Unfortunately, this news isn’t that good for IT solution vendors. While older systems such as Windows XP or Windows Vista have now been abandoned by Microsoft and not officially supported any more, there exist plenty of environments where those resource-unpretentious, powerful and fairly reliable systems are still being heavily used. The problem with those operating systems is that due to their solid age they don’t support TLS 1.1 and TLS 1.2 internally – just because those protocols didn’t exist at the time when they were released. The things are worsened by the fact that a big deal of third-party applications and OS components – such as Internet Explorer, IIS or Active Directory browser – rely on Windows WinInet and SChannel API for their SSL/TLS connectivity, and as such are restricted with the security capabilities the API provides.

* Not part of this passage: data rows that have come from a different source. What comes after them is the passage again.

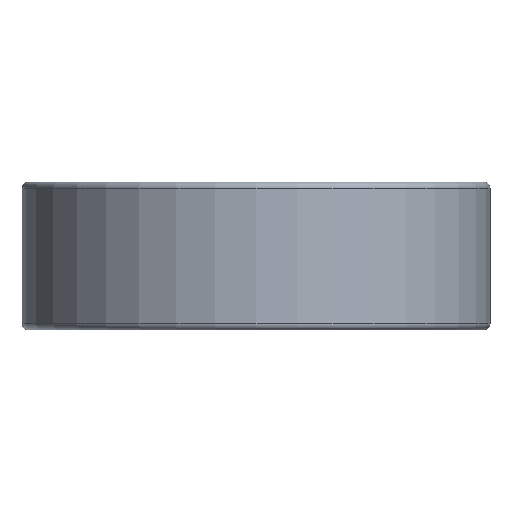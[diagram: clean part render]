
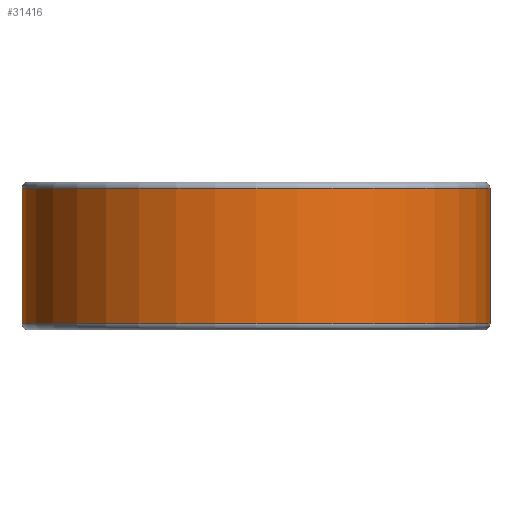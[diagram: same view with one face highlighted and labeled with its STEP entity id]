
A CAD part, front view. The second image highlights one B-rep face of the part: STEP entity #31416.
In plain terms, the highlighted cylindrical face has radius 9.5 mm (diameter 19 mm), a partial arc.
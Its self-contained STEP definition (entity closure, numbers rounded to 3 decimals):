
#1800 = CARTESIAN_POINT ( 'NONE',  ( -9.5, 0., -2.75 ) ) ;
#3473 = CARTESIAN_POINT ( 'NONE',  ( 9.5, 0., 2.75 ) ) ;
#3534 = CIRCLE ( 'NONE', #74820, 9.5 ) ;
#4267 = EDGE_CURVE ( 'NONE', #10808, #59913, #60976, .T. ) ;
#10584 = DIRECTION ( 'NONE',  ( 0., 0., 1. ) ) ;
#10808 = VERTEX_POINT ( 'NONE', #1800 ) ;
#11097 = DIRECTION ( 'NONE',  ( 1., 0., 0. ) ) ;
#13196 = DIRECTION ( 'NONE',  ( 0., 0., 1. ) ) ;
#13538 = EDGE_CURVE ( 'NONE', #10808, #72038, #3534, .T. ) ;
#13955 = VECTOR ( 'NONE', #24033, 1000. ) ;
#15981 = CARTESIAN_POINT ( 'NONE',  ( -9.5, 0., 2.75 ) ) ;
#16421 = CARTESIAN_POINT ( 'NONE',  ( 9.5, 0., -2.75 ) ) ;
#16757 = ORIENTED_EDGE ( 'NONE', *, *, #13538, .T. ) ;
#18716 = ORIENTED_EDGE ( 'NONE', *, *, #19044, .T. ) ;
#18993 = DIRECTION ( 'NONE',  ( 0., 0., 1. ) ) ;
#19044 = EDGE_CURVE ( 'NONE', #72038, #58468, #54373, .T. ) ;
#19402 = CARTESIAN_POINT ( 'NONE',  ( 0., 0., -2.75 ) ) ;
#23573 = CARTESIAN_POINT ( 'NONE',  ( 9.5, 0., 1000. ) ) ;
#24033 = DIRECTION ( 'NONE',  ( 0., 0., 1. ) ) ;
#24286 = ORIENTED_EDGE ( 'NONE', *, *, #65074, .F. ) ;
#31416 = ADVANCED_FACE ( 'NONE', ( #78557 ), #41155, .T. ) ;
#33999 = VECTOR ( 'NONE', #10584, 1000. ) ;
#37656 = DIRECTION ( 'NONE',  ( 1., 0., 0. ) ) ;
#38697 = ORIENTED_EDGE ( 'NONE', *, *, #4267, .F. ) ;
#38798 = CARTESIAN_POINT ( 'NONE',  ( 0., 0., 2.75 ) ) ;
#41155 = CYLINDRICAL_SURFACE ( 'NONE', #66654, 9.5 ) ;
#42337 = DIRECTION ( 'NONE',  ( 0., 0., 1. ) ) ;
#47333 = AXIS2_PLACEMENT_3D ( 'NONE', #38798, #13196, #76179 ) ;
#53051 = EDGE_LOOP ( 'NONE', ( #38697, #16757, #18716, #24286 ) ) ;
#54373 = LINE ( 'NONE', #23573, #33999 ) ;
#54846 = CARTESIAN_POINT ( 'NONE',  ( -9.5, 0., 1000. ) ) ;
#58468 = VERTEX_POINT ( 'NONE', #3473 ) ;
#59913 = VERTEX_POINT ( 'NONE', #15981 ) ;
#60976 = LINE ( 'NONE', #54846, #13955 ) ;
#61619 = CIRCLE ( 'NONE', #47333, 9.5 ) ;
#65074 = EDGE_CURVE ( 'NONE', #59913, #58468, #61619, .T. ) ;
#65914 = CARTESIAN_POINT ( 'NONE',  ( 0., 0., 1000. ) ) ;
#66654 = AXIS2_PLACEMENT_3D ( 'NONE', #65914, #42337, #11097 ) ;
#72038 = VERTEX_POINT ( 'NONE', #16421 ) ;
#74820 = AXIS2_PLACEMENT_3D ( 'NONE', #19402, #18993, #37656 ) ;
#76179 = DIRECTION ( 'NONE',  ( 1., 0., 0. ) ) ;
#78557 = FACE_OUTER_BOUND ( 'NONE', #53051, .T. ) ;

The things aren’t any better for .NET framework users. System.Net.Security.SSLStream component (and all higher level components which use it internally, such as HttpWebRequest or SmtpClient) internally rely on the same unmanaged SChannel API, making all applications built around those components subject to the same TLS limitations. What this means is that a large number of applications will become non-compliant and non-compatible ‘pumpkins’ when the clock strikes twelve on 30 June 2016. What is much worse, there is no easy mechanism to extend their compatibility, for the limitations are set deep in the operating system’s internal modules and – due to terminated platform support – can never be removed.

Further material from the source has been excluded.